Scenario: The Missing Tooth Dilemma

Imagine you’re missing an upper lateral incisor (the small tooth beside your front tooth). You have three potential solutions:

  • Space opening: Maria orthodontically creates ideal space, and Dr Brookshaw places an implant to replace the missing tooth
  • Space closing: Maria closes the gap by moving the canine forward to replace the lateral incisor, then reshapes it cosmetically to look like a lateral incisor
  • Resin-bonded bridge: Maria creates space, and Dr Crockett bonds a minimal-prep bridge

Each option has different aesthetic outcomes, timelines, costs, and long-term maintenance requirements. Choosing the right path requires specialist orthodontic judgment combined with restorative expertise. Maria’s role is coordinating this planning from the orthodontic perspective, ensuring the final tooth positions support whatever restorative solution you choose.

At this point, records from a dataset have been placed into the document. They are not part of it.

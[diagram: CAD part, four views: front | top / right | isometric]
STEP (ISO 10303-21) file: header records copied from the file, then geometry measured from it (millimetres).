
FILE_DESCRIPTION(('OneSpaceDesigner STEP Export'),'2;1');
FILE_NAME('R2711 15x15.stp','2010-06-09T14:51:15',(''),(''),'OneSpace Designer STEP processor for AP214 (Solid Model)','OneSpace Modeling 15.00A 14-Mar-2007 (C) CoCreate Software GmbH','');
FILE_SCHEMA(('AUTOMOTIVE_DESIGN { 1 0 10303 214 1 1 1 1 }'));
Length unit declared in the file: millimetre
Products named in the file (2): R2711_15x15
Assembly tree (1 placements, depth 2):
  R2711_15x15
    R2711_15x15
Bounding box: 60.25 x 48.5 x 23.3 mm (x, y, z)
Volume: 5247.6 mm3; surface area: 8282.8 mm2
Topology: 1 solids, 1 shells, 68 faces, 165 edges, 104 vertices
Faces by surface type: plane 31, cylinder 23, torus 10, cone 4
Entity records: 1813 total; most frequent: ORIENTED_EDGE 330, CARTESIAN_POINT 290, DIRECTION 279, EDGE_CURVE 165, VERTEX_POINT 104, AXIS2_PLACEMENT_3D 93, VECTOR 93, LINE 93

Scenario: Full Mouth Reconstruction with Orthodontics

Some patients need comprehensive dental rehabilitation involving implants, crowns, and orthodontics. Perhaps they’re missing several teeth, have old failing restorations, and significant bite problems. This requires choreographed sequencing:

  • Which teeth can be saved through orthodontics versus which need extracting
  • Where implants should be placed to optimise the final result
  • Timing of orthodontic tooth movement relative to implant placement
  • Final positioning to allow proper crown and bridge work

General dentists rarely manage this level of coordination. Maria’s experience with interdisciplinary planning means she can map the entire treatment arc from the orthodontic perspective, working seamlessly with the surgical and restorative teams at Hale Dental.

Maria’s Award-Winning Results and Teaching Credentials

Maria McNally’s expertise isn’t just claimed—it’s validated by peer recognition. She’s won National and European Aesthetic Dentistry Awards (2014, 2015, 2018), demonstrating that her work represents the highest standards in the field.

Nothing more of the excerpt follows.